Published online 2012 July 15.        doi:
Endocrine problems in children with Prader-Willi syndrome: special review on associated genetic aspects and early growth hormone treatment
Dong-Kyu Jin (Jin DK)
Department of Pediatrics, Samsung Medical Center, Sungkyunkwan University School of Medicine, Seoul, Korea
Corresponding Author: Dong-Kyu Jin ,Tel: +82-2-3410-3525,, Fax: +82-2-3410-0043, Email:
Copyright © 2012 by The Korean Pediatric Society
Prader-Willi syndrome (PWS) is a complex multisystem genetic disorder characterized by hypothalamic-pituitary dysfunction. The main clinical features include neonatal hypotonia, distinctive facial features, overall developmental delay, and poor growth in infancy, followed by overeating with severe obesity, short stature, and hypogonadism later in development. This paper reviews recent updates regarding the genetic aspects of this disorder. Three mechanisms (paternal deletion, maternal disomy, and deficient imprinting) are recognized.
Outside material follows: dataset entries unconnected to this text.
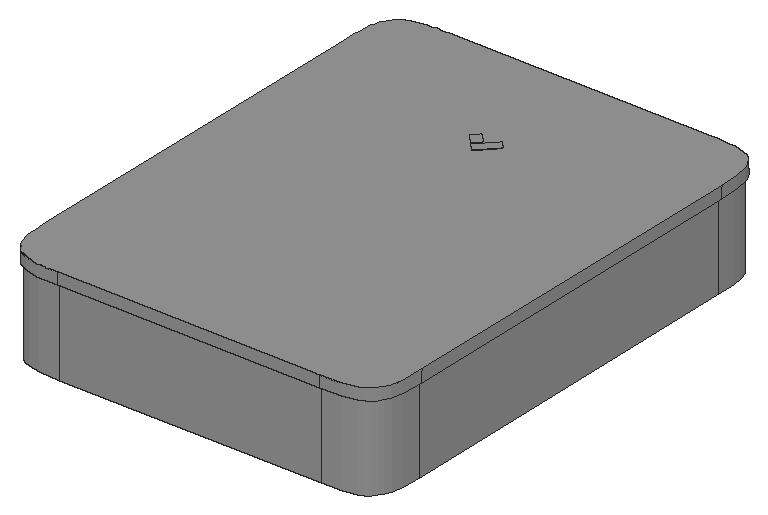
Revit family "AlarmsAlarmPanel", category Electrical Equipment, host Face, Revit 2019
Family settings
  Host = Face
  Round Connector Dimension = Use Diameter
  Part Type = Other Panel
  Cut with Voids When Loaded = No
  Shared = No
  Room Calculation Point = Yes
Parameters (values of type "BP41")
  Width = 319.6 mm
  URL = "https://www.verkada.com/alarms/panel/"
  Type Image = AC41-AX11-BP41.png
  Model = "BP41–HW"
  Manufacturer = "VERKADA"  # constant formula
  Length = 415.6 mm
  Height = 83.57 mm
  Description = "ALARM PANEL"
  Default Elevation = 1219.2 mm
  Corner Radius = 40 mm
Reference planes
  plane 1 "Center (Front/Back)": y = 0
  plane 2: z = 0
  plane 3 "Center (Left/Right)": x = 0
  plane 4: x = 159.8
  plane 5: y = 207.8
  plane 6: y = -207.8
  plane 7: x = -159.8
  plane 8: z = 83.57
Forms (mm)
  Extrusion 1, solid, material "Verkada Black"
    sketch origin (0, 0, 0) x (1, 0, 0) y (0, 1, 0)
      loop
        spline (-157.56, -159.605) -> (-157.144, -173.809) -> (-156, -183.435) -> (-154.29, -189.656) -> (-152.17, -193.65) -> (-149.794, -196.572) -> (-147.145, -199.038) -> (-144.029, -201.1) -> (-140.243, -202.779) -> (-135.553, -204.093) -> (-129.54, -205.02) -> (-121.718, -205.522) -> (-111.6, -205.565)
        line (-111.6, -205.565) -> (111.6, -205.565)
        spline (111.6, -205.565) -> (121.718, -205.522) -> (129.54, -205.02) -> (135.553, -204.093) -> (140.243, -202.779) -> (144.029, -201.1) -> (147.145, -199.038) -> (149.794, -196.572) -> (152.17, -193.65) -> (154.29, -189.656) -> (156, -183.435) -> (157.144, -173.809) -> (157.56, -159.605)
        line (157.56, -159.605) -> (157.56, 159.605)
        spline (157.56, 159.605) -> (157.144, 173.809) -> (156, 183.435) -> (154.29, 189.656) -> (152.17, 193.65) -> (149.794, 196.572) -> (147.145, 199.038) -> (144.029, 201.1) -> (140.243, 202.779) -> (135.553, 204.093) -> (129.54, 205.02) -> (121.718, 205.522) -> (111.6, 205.565)
        line (111.6, 205.565) -> (-111.6, 205.565)
        spline (-111.6, 205.565) -> (-121.718, 205.522) -> (-129.54, 205.02) -> (-135.553, 204.093) -> (-140.243, 202.779) -> (-144.029, 201.1) -> (-147.145, 199.038) -> (-149.794, 196.572) -> (-152.17, 193.65) -> (-154.29, 189.656) -> (-156, 183.435) -> (-157.144, 173.809) -> (-157.56, 159.605)
        line (-157.56, 159.605) -> (-157.56, -159.605)
    from 0 to 81.006
  Sweep 2, solid, material "Verkada White"
    path origin (0, 0, 0) x (1, 0, 0) y (0, 0, 1)
      loop
        line (0, 83.57) -> (0, 73.57)
    profile origin (0, 0, 78.57) x (0, -1, 0) y (1, 0, 0)
      loop
        spline (-207.8, -111.566) -> (-207.757, -121.791) -> (-207.243, -129.777) -> (-206.28, -136.025) -> (-204.885, -140.999) -> (-203.06, -145.105) -> (-200.789, -148.539) -> (-198.091, -151.437) -> (-194.924, -154.011) -> (-190.477, -156.373) -> (-183.848, -158.203) -> (-173.961, -159.378) -> (-159.605, -159.8)
        line (-159.605, -159.8) -> (159.605, -159.8)
        spline (159.605, -159.8) -> (173.961, -159.378) -> (183.848, -158.203) -> (190.477, -156.373) -> (194.924, -154.011) -> (198.091, -151.437) -> (200.789, -148.539) -> (203.06, -145.105) -> (204.885, -140.999) -> (206.28, -136.025) -> (207.243, -129.777) -> (207.757, -121.791) -> (207.8, -111.566)
        line (207.8, -111.566) -> (207.8, 111.566)
        spline (207.8, 111.566) -> (207.757, 121.791) -> (207.243, 129.777) -> (206.28, 136.025) -> (204.885, 140.999) -> (203.06, 145.105) -> (200.789, 148.539) -> (198.091, 151.437) -> (194.924, 154.011) -> (190.477, 156.373) -> (183.848, 158.203) -> (173.961, 159.378) -> (159.605, 159.8)
        line (159.605, 159.8) -> (-159.605, 159.8)
        spline (-159.605, 159.8) -> (-173.961, 159.378) -> (-183.848, 158.203) -> (-190.477, 156.373) -> (-194.924, 154.011) -> (-198.091, 151.437) -> (-200.789, 148.539) -> (-203.06, 145.105) -> (-204.885, 140.999) -> (-206.28, 136.025) -> (-207.243, 129.777) -> (-207.757, 121.791) -> (-207.8, 111.566)
        line (-207.8, 111.566) -> (-207.8, -111.566)
  Extrusion 3, solid, material "Verkada Black"
    sketch origin (0, 0, -28.375) x (1, 0, 0) y (0, 1, 0)
      loop
        line (-1.177, 106.44) -> (-7.923, 113.632)
        arc (-7.923, 113.632) -> (-8.47, 113.868) -> (-9.017, 113.63) r 0.749
        line (-9.017, 113.63) -> (-13.435, 108.892)
        arc (-13.435, 108.892) -> (-13.635, 108.384) -> (-13.434, 107.876) r 0.744
        line (-13.434, 107.876) -> (-6.619, 100.603) -> (-1.177, 106.44)
      loop
        line (7.923, 113.632) -> (-5.446, 99.379) -> (-0.543, 94.121)
        arc (-0.543, 94.121) -> (0, 93.885) -> (0.544, 94.12) r 0.744
        line (0.544, 94.12) -> (13.434, 107.876)
        arc (13.434, 107.876) -> (13.635, 108.384) -> (13.435, 108.892) r 0.744
        line (13.435, 108.892) -> (9.017, 113.63)
        arc (9.017, 113.63) -> (8.47, 113.868) -> (7.923, 113.632) r 0.749
    from 111.147 to 111.994
Dimensions and locks
  equal spacing: plane 7, plane 3 "Center (Left/Right)", plane 4
  "Width": plane 7 to plane 4
  "Height": plane 8 to level
  equal spacing: plane 6, plane 1 "Center (Front/Back)", plane 5
  "Length": plane 6 to plane 5
  plane 8 to host face = 83.57 mm
  aligned and locked: plane 2 to host face
  aligned and locked: level to host face
  aligned and locked: Sweep 2 sketch curve to plane 4
  aligned and locked: plane 5 to Sweep 2 sketch curve
  aligned and locked: Sweep 2 sketch curve to plane 6
  aligned and locked: plane 7 to Sweep 2 sketch curve
Automatic sketch dimensions
  host sketch curve to host sketch curve = 2438.4 mm  (x2)
  Sweep 2 sketch curve to plane 3 "Center (Left/Right)" = 0 mm
  Sweep 2 sketch curve to plane 8 = 0 mm
  plane 8 to Sweep 2 sketch curve = 10 mm
  Extrusion 3 sketch curve to plane 3 "Center (Left/Right)" = 13.435 mm
  Extrusion 3 sketch curve to Extrusion 3 sketch curve = 0.001 mm  (x2)
  Extrusion 3 sketch curve to Extrusion 3 sketch curve = 0.544 mm  (x2)
  Extrusion 3 sketch curve to Extrusion 3 sketch curve = 4.419 mm
  Extrusion 3 sketch curve to Extrusion 3 sketch curve = 0.547 mm  (x2)
  Extrusion 3 sketch curve to Extrusion 3 sketch curve = 0.546 mm  (x2)
  Extrusion 3 sketch curve to plane 3 "Center (Left/Right)" = 6.619 mm
  Extrusion 3 sketch curve to Extrusion 3 sketch curve = 1.174 mm
  Extrusion 3 sketch curve to plane 3 "Center (Left/Right)" = 1.177 mm
  Extrusion 3 sketch curve to plane 3 "Center (Left/Right)" = 0.543 mm
  plane 3 "Center (Left/Right)" to Extrusion 3 sketch curve = 0.001 mm
  plane 3 "Center (Left/Right)" to Extrusion 3 sketch curve = 0.544 mm
  plane 3 "Center (Left/Right)" to Extrusion 3 sketch curve = 7.923 mm
  Extrusion 3 sketch curve to Extrusion 3 sketch curve = 4.422 mm
  Extrusion 3 sketch curve to Extrusion 3 sketch curve = 0.543 mm
  Extrusion 3 sketch curve to plane 1 "Center (Front/Back)" = 94.12 mm
  Extrusion 3 sketch curve to Extrusion 3 sketch curve = 5.258 mm
  Extrusion 3 sketch curve to Extrusion 3 sketch curve = 1.224 mm
  Extrusion 3 sketch curve to Extrusion 3 sketch curve = 5.836 mm
  Extrusion 3 sketch curve to Extrusion 3 sketch curve = 7.272 mm
  Extrusion 3 sketch curve to Extrusion 3 sketch curve = 1.436 mm
  Extrusion 3 sketch curve to Extrusion 3 sketch curve = 0.509 mm  (x2)
  Extrusion 3 sketch curve to Extrusion 3 sketch curve = 4.735 mm  (x2)
  Extrusion 3 sketch curve to Extrusion 3 sketch curve = 0.511 mm  (x2)
  plane 7 to Extrusion 1 sketch curve = 2.24 mm
  Extrusion 1 sketch curve to plane 6 = 2.235 mm
  plane 7 to Extrusion 1 sketch curve = 48.2 mm  (x2)
  plane 5 to Extrusion 1 sketch curve = 2.235 mm
  Extrusion 1 sketch curve to plane 4 = 48.2 mm  (x2)
  Extrusion 1 sketch curve to plane 4 = 2.24 mm
  Extrusion 1 sketch curve to plane 6 = 48.195 mm  (x2)
  plane 5 to Extrusion 1 sketch curve = 48.195 mm  (x2)
  Sweep 2 sketch curve to Sweep 2 sketch curve = 48.195 mm  (x4)
  Sweep 2 sketch curve to Sweep 2 sketch curve = 48.234 mm  (x4)
Connectors
  electrical at (0, 0, 0)
    settings: index 2, voltage 0 V, apparent load 0 VA, apparent load phase1 0 VA, apparent load phase2 0 VA, apparent load phase3 0 VA, power factor 1, load classification "Other", number of poles 1, system type 10, power factor state 1, is connector primary yes, connector utility no, sub classification motor no, connector description ""
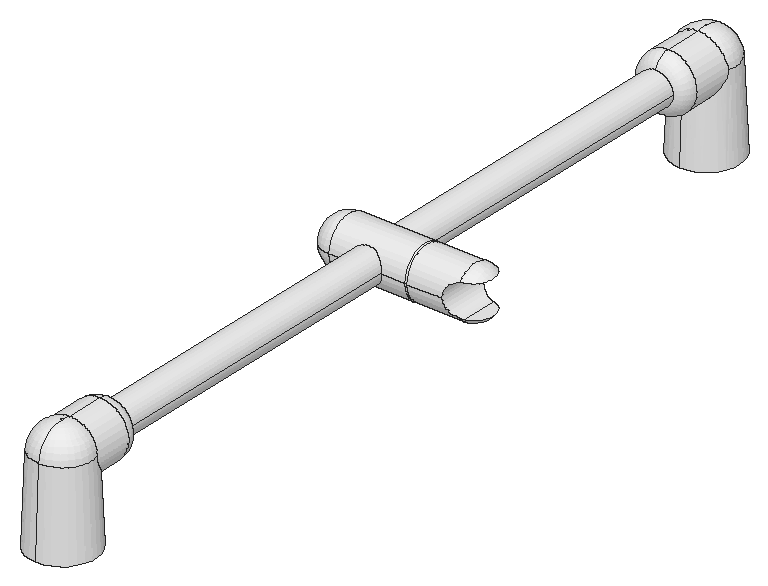
Revit family "xSlide_Bar-American_Standard-Standard-1660_Series", category Specialty Equipment, host Face, Revit 2014
Parameters (values of type "1660.225")
  Width = 5"  # constant formula
  Warranty Information = "One Year General Product Warranty"  # constant formula
  URL = "https://www.americanstandard-us.com/"
  Type Comments = ""
  Product Page URL = "https://www.americanstandard-us.com/bathroom/shower-faucets/standard-slide-bar-17023"
  Product Documentation Link = "https://www.americanstandard-us.com/-/media/sites/asus/files/product-specs/shower-faucets/2017/fixture-wall-bracket-and-slide-bar-8888036-1660225-1660236/spec-sheet-8888036-1660225-1660236.pdf?la=en"
  Price = "Prices may vary. Please consult Manufacturer Representative for most up-to-date price list."  # constant formula
  Model = "1660.225"
  Material = "Brass-American Standard-002-Polished Chrome"
  Manufacturer = "American Standard"  # constant formula
  Length = 2 1/2"  # constant formula
  Installation Type = "Wall Mounted"  # constant formula
  Height = 24"
  Finish = Brass-American Standard-002-Polished Chrome
  Description = "24\" Standard Slide Bar"
  Default Elevation = 53"
  Creation Date = "01/22/2018"  # constant formula
  Assembly Code = "C1030200"
Types (3): name | Model | Height | Description | Default Elevation
  (no name) | "1660.225" | 24" | "24\" Standard Slide Bar" | 53"
  1660.225 | "1660.225" | 24" | "24\" Standard Slide Bar" | 53"
  1660.236 | "1660.236" | 36" | "36\" Standard Slide Bar" | 47"
Reference planes (in)
  plane 1 "Center (Front/Back)": y = 0
  plane 2: z = 0
  plane 3 "Center (Left/Right)": x = 0
  plane 4: z = 2.5
  plane 5: y = -12
  plane 6: y = 12
  plane 7: x = -0.5
  plane 8: x = 0.5
  plane 9: x = -1.75
  plane 10: x = 3.25
  plane 11: z = 3.375
  plane 12: y = -53
Forms (in)
  Revolve 1, solid, material "Brass-American Standard-002-Polished Chrome" <- "Finish"
    sketch origin (0, -27.0625, 0) x (0, 1, 0) y (0, 0, 1)
      loop
        line (14.07955, 0) -> (15.0625, 0) -> (15.0625, 3.37483) -> (15.02178, 3.37483)
        arc (15.02178, 3.37483) -> (14.44711, 3.14407) -> (14.19163, 2.57995) r 0.83094
        line (14.19163, 2.57995) -> (14.07955, 0)
      axis (15.0625, 3.37483) -> (15.0625, 0)
    angle from 0 to 360
  Revolve 2, solid, material "Brass-American Standard-002-Polished Chrome" <- "Finish"
    sketch origin (0, 0, 2.5) x (1, 0, 0) y (0, 1, 0)
      loop
        line (-1.75, 0) -> (3.40625, 0) -> (3.40625, 0.05131)
        arc (3.40625, 0.05131) -> (3.20161, 0.54536) -> (2.70756, 0.75) r 0.69869
        line (2.70756, 0.75) -> (1.28456, 0.75)
        arc (1.28456, 0.75) -> (1.25385, 0.74418) -> (1.22313, 0.75) r 0.08395
        line (1.22313, 0.75) -> (-1.04935, 0.75)
        arc (-1.04935, 0.75) -> (-1.54478, 0.54478) -> (-1.75, 0.04935) r 0.70065
        line (-1.75, 0.04935) -> (-1.75, 0)
      axis (-1.75, 0) -> (3.40625, 0)
    angle from 0 to 360
  Revolve 3, solid, material "Brass-American Standard-002-Polished Chrome" <- "Finish"
    sketch origin (0, 0, 0.47041) x (0, 1, 0) y (0, 0, 1)
      loop
        line (-10.10092, 2.02959) -> (-10.10092, 2.3768)
        arc (-10.10092, 2.3768) -> (-10.24635, 2.72791) -> (-10.59746, 2.87334) r 0.49654
        line (-10.59746, 2.87334) -> (-12, 2.87334) -> (-12, 2.02959) -> (-10.10092, 2.02959)
      axis (-12, 2.02959) -> (-10.10092, 2.02959)
    angle from 0 to 360
  Revolve 4, solid, material "Brass-American Standard-002-Polished Chrome" <- "Finish"
    sketch origin (0, 27.0625, 0) x (0, -1, 0) y (0, 0, -1)
      loop
        line (14.07955, 0) -> (14.19163, -2.57995)
        arc (14.19163, -2.57995) -> (14.44711, -3.14407) -> (15.02178, -3.37483) r 0.83094
        line (15.02178, -3.37483) -> (15.0625, -3.37483) -> (15.0625, 0) -> (14.07955, 0)
      axis (15.0625, -3.37483) -> (15.0625, 0)
    angle from 0 to 360
  Revolve 5, solid, material "Brass-American Standard-002-Polished Chrome" <- "Finish"
    sketch origin (0, 0, 0.47041) x (0, -1, 0) y (0, 0, -1)
      loop
        line (-10.10092, -2.02959) -> (-12, -2.02959) -> (-12, -2.87334) -> (-10.59746, -2.87334)
        arc (-10.59746, -2.87334) -> (-10.24635, -2.72791) -> (-10.10092, -2.3768) r 0.49654
        line (-10.10092, -2.3768) -> (-10.10092, -2.02959)
      axis (-12, -2.02959) -> (-10.10092, -2.02959)
    angle from 0 to 360
  Extrusion 6, void
    sketch origin (0.6262, 0, 0.75) x (1, 0, 0) y (0, 0, 1)
      loop
        line (2.1875, 1.25) -> (3.3097, 1.25) -> (3.3097, 2.25) -> (2.1875, 2.25)
        arc (2.1875, 2.25) -> (1.6875, 1.75) -> (2.1875, 1.25) r 0.5
    from -0.89529 to 1.0084
  Extrusion 7, solid, material "Brass-American Standard-002-Polished Chrome" <- "Finish"
    sketch origin (0, 0, 0) x (1, 0, 0) y (0, 0, 1)
      loop
        circle (0, 2.5) r 0.5
    from -12 to 12
Cuts and joins
  Extrusion 6 cuts Revolve 2
  joined: Revolve 1, Revolve 2, Revolve 3, Revolve 4, Revolve 5, Extrusion 7
Lines and regions (in)
  Masking region 1
    outline origin (0, 0, 0) x (1, 0, 0) y (0, 0, 1)
      loop
        arc (3.24314, 3) -> (3.02829, 3.17171) -> (2.76464, 3.25) r 0.71766
        line (2.76464, 3.25) -> (1.28456, 3.25)
        arc (1.28456, 3.25) -> (1.25385, 3.24378) -> (1.22313, 3.25) r 0.0789
        line (1.22313, 3.25) -> (0.47687, 3.25)
        arc (0.47687, 3.25) -> (-0.00096, 3.375) -> (-0.47878, 3.25) r 0.97576
        line (-0.47878, 3.25) -> (-1.05339, 3.25)
        arc (-1.05339, 3.25) -> (-1.54597, 3.04597) -> (-1.75, 2.55339) r 0.69661
        line (-1.75, 2.55339) -> (-1.75, 2.44485)
        arc (-1.75, 2.44485) -> (-1.54648, 1.95352) -> (-1.05515, 1.75) r 0.69485
        line (-1.05515, 1.75) -> (-0.90584, 1.75) -> (-0.98295, 0) -> (0.98295, 0) -> (0.90837, 1.75) -> (1.22313, 1.75)
        arc (1.22313, 1.75) -> (1.25385, 1.75559) -> (1.28456, 1.75) r 0.08713
        line (1.28456, 1.75) -> (2.73742, 1.75)
        arc (2.73742, 1.75) -> (3.02042, 1.82024) -> (3.25, 2) r 0.6977
        line (3.25, 2) -> (2.8137, 2)
        arc (2.8137, 2) -> (2.3137, 2.5) -> (2.8137, 3) r 0.5
        line (2.8137, 3) -> (3.24314, 3)
  symbolic lines, detail levels medium+fine
    curve 1: line (0.90837, 0, 1.75) -> (0.86922, 0, 2.62286)
    curve 2: line (-0.90837, 0, 1.75) -> (-0.86922, 0, 2.62286)
    curve 3: arc (0.86922, 0, 2.62286) -> (0.74697, 0, 2.98268) -> (0.47687, 0, 3.25) r 0.82806
    curve 4: arc (-0.86922, 0, 2.62286) -> (-0.74697, 0, 2.98268) -> (-0.47687, 0, 3.25) r 0.82806
  symbolic lines, detail levels fine
    curve 5: line (1.28456, 0, 3.25) -> (1.28456, 0, 1.75)
    curve 6: line (1.22313, 0, 1.75) -> (1.22313, 0, 3.25)
Dimensions and locks (in)
  plane 7 to plane 8 = 1"
  plane 9 to plane 3 "Center (Left/Right)" to plane 10 = 1 3/4", 3 1/4"
  "Width": plane 9 to plane 10
  plane 2 to plane 11 = 3 3/8"
  plane 2 to plane 4 = 2 1/2"
  "Height": plane 6 to plane 5
  equal spacing: plane 6, plane 1 "Center (Front/Back)", plane 5
  plane 12 to plane 6 = 65"
  plane 12 to plane 1 "Center (Front/Back)" = 53"
  aligned and locked: plane 2 to host face
  aligned and locked: level to host face
  aligned and locked: Revolve 5 sketch curve to plane 6
  aligned and locked: plane 6 to Revolve 4 sketch curve
  aligned and locked: Revolve 4 sketch curve to host face
  aligned and locked: Revolve 3 sketch curve to plane 5
  aligned and locked: Revolve 3 sketch curve to plane 4
  aligned and locked: plane 5 to Revolve 1 sketch curve
  aligned and locked: host face to Revolve 1 sketch curve
  aligned and locked: plane 4 to Revolve 5 sketch curve
  aligned and locked: plane 3 "Center (Left/Right)" to Extrusion 7 sketch curve
  aligned and locked: plane 4 to Extrusion 7 sketch curve
  aligned and locked: Extrusion 7 to plane 6
  aligned and locked: plane 5 to Extrusion 7
Automatic sketch dimensions
  host sketch curve to host sketch curve = 96"  (x2)
  Extrusion 6 sketch curve to plane 4 = 0"
  Extrusion 6 sketch curve to plane 10 = 0.4363"
  plane 10 to Extrusion 6 sketch curve = 0.6859"
  plane 4 to Extrusion 6 sketch curve = 1/2"
  plane 1 "Center (Front/Back)" to Revolve 2 sketch curve = 0"  (x2)
  Revolve 2 sketch curve to plane 9 = 0"
  plane 8 to Revolve 2 sketch curve = 0.75385"
  Revolve 2 sketch curve to plane 1 "Center (Front/Back)" = 0.05131"
  Revolve 2 sketch curve to plane 10 = 0.54244"
  plane 10 to Revolve 2 sketch curve = 5/32"
  Revolve 2 sketch curve to Revolve 2 sketch curve = 0.04935"
  Revolve 2 sketch curve to Revolve 2 sketch curve = 5/64"
  Revolve 2 sketch curve to Revolve 2 sketch curve = 0.03071"
  Revolve 2 sketch curve to Revolve 2 sketch curve = 0.06143"
  Revolve 2 sketch curve to Revolve 2 sketch curve = 5/32"
  Revolve 2 sketch curve to Revolve 2 sketch curve = 2 1/2"
  Masking region 1 sketch curve to plane 9 = 0"
  Masking region 1 sketch curve to level = 0"
  Masking region 1 sketch curve to plane 4 = 0"
  Masking region 1 sketch curve to plane 10 = 0"
  Masking region 1 sketch curve to plane 7 = 0.55515"
  plane 11 to Masking region 1 sketch curve = 1/8"
  Masking region 1 sketch curve to plane 7 = 0.55339"
  Masking region 1 sketch curve to Masking region 1 sketch curve = 0.14931"
  plane 7 to Masking region 1 sketch curve = 0.02122"
  Masking region 1 sketch curve to plane 3 "Center (Left/Right)" = 0.00096"
  Masking region 1 sketch curve to plane 8 = 0.02313"
  plane 8 to Masking region 1 sketch curve = 0.40837"
  Masking region 1 sketch curve to Masking region 1 sketch curve = 0.31477"
  plane 8 to Masking region 1 sketch curve = 0.72313"
  Masking region 1 sketch curve to Masking region 1 sketch curve = 0.03071"  (x2)
  Masking region 1 sketch curve to Masking region 1 sketch curve = 0.06143"  (x2)
  Masking region 1 sketch curve to plane 4 = 0.03563"
  Masking region 1 sketch curve to plane 10 = 0.55404"
  plane 4 to Masking region 1 sketch curve = 0.05267"
  Masking region 1 sketch curve to Masking region 1 sketch curve = 0.0186"
  Masking region 1 sketch curve to plane 10 = 0.51258"
  Masking region 1 sketch curve to plane 10 = 0.48536"
  Masking region 1 sketch curve to Masking region 1 sketch curve = 0.09913"
  Masking region 1 sketch curve to plane 10 = 0.00686"
  Masking region 1 sketch curve to Masking region 1 sketch curve = 0.08154"
  plane 4 to Masking region 1 sketch curve = 3/4"
  plane 4 to Masking region 1 sketch curve = 0.10076"
  plane 11 to Masking region 1 sketch curve = 0.05232"
  Masking region 1 sketch curve to plane 7 = 0.48295"
  plane 8 to Masking region 1 sketch curve = 0.48295"
  Revolve 1 sketch curve to plane 5 = 0"
  plane 11 to Revolve 1 sketch curve = 0.00017"
  plane 5 to Revolve 1 sketch curve = 0.04072"
  Revolve 1 sketch curve to plane 4 = 0.07995"
  Revolve 1 sketch curve to Revolve 1 sketch curve = 0.83016"
  plane 5 to Revolve 1 sketch curve = 0.98295"
  Revolve 1 sketch curve to Revolve 1 sketch curve = 0.37483"
  Revolve 1 sketch curve to plane 11 = 1 3/8"
  plane 4 to Revolve 3 sketch curve = 0"
  Revolve 3 sketch curve to plane 4 = 0.34721"
  Revolve 3 sketch curve to plane 5 = 1.40254"
  Revolve 3 sketch curve to Revolve 3 sketch curve = 0.49654"
  Revolve 3 sketch curve to Revolve 3 sketch curve = 0.10092"
  Revolve 3 sketch curve to Revolve 3 sketch curve = 0.81785"
  Revolve 4 sketch curve to plane 6 = 0"
  plane 11 to Revolve 4 sketch curve = 0.00017"
  Revolve 4 sketch curve to plane 6 = 0.04072"
  Revolve 4 sketch curve to plane 4 = 0.07995"
  Revolve 4 sketch curve to Revolve 4 sketch curve = 0.83016"
  Revolve 4 sketch curve to plane 6 = 0.98295"
  Revolve 4 sketch curve to plane 11 = 1 3/8"
  Revolve 4 sketch curve to Revolve 4 sketch curve = 0.37483"
  plane 4 to Revolve 5 sketch curve = 0"
  Revolve 5 sketch curve to plane 4 = 0.34721"
  plane 6 to Revolve 5 sketch curve = 1.40254"
  Revolve 5 sketch curve to Revolve 5 sketch curve = 0.49654"
  Revolve 5 sketch curve to Revolve 5 sketch curve = 0.10092"
  Revolve 5 sketch curve to Revolve 5 sketch curve = 0.81785"
  curve 2 to plane 4 = 0.12286"
  curve 2 to plane 7 = 0.36922"
  curve 4 to plane 3 "Center (Left/Right)" = 0.04497"
  plane 3 "Center (Left/Right)" to curve 3 = 0.04497"
  curve 1 to plane 4 = 0.12286"
  plane 8 to curve 1 = 0.36922"
  curve 4 to plane 4 = 0.04349"
  curve 3 to plane 4 = 0.04349"
  curve 2 to plane 7 = 0.40837"
  plane 7 to curve 4 = 0.02313"
  curve 3 to plane 8 = 0.02313"
  plane 8 to curve 1 = 0.40837"
  curve 1 to curve 6 = 0.31477"
  curve 6 to curve 5 = 0.06143"
  plane 4 to curve 1 = 3/4"
  curve 5 to curve 1 = 0"
  plane 4 to curve 2 = 3/4"
  curve 6 to curve 5 = 0"  (x2)
  plane 11 to curve 5 = 1/8"
  radius of Extrusion 7 sketch curve = 1/2"

Maternal disomy can arise because of 4 possible mechanisms: trisomy rescue (TR), gamete complementation (GC), monosomy rescue (MR), and postfertilization mitotic nondisjunction (Mit). Recently, TR/GC caused by nondisjunction at maternal meiosis 1 has been identified increasingly, as a result of advanced maternal childbearing age in Korea. We verified that the d3 allele increases the responsiveness of the growth hormone (GH) receptor to endogenous GH. This paper also provides an overview of endocrine dysfunctions in children with PWS, including GH deficiency, obesity, sexual development, hypothyroidism, and adrenal insufficiency, as well as the effects of GH treatment. GH treatment coupled with a strictly controlled diet during early childhood may help to reduce obesity, improve neurodevelopment, and increase muscle mass. A more active approach to correct these hormone deficiencies would benefit patients with PWS.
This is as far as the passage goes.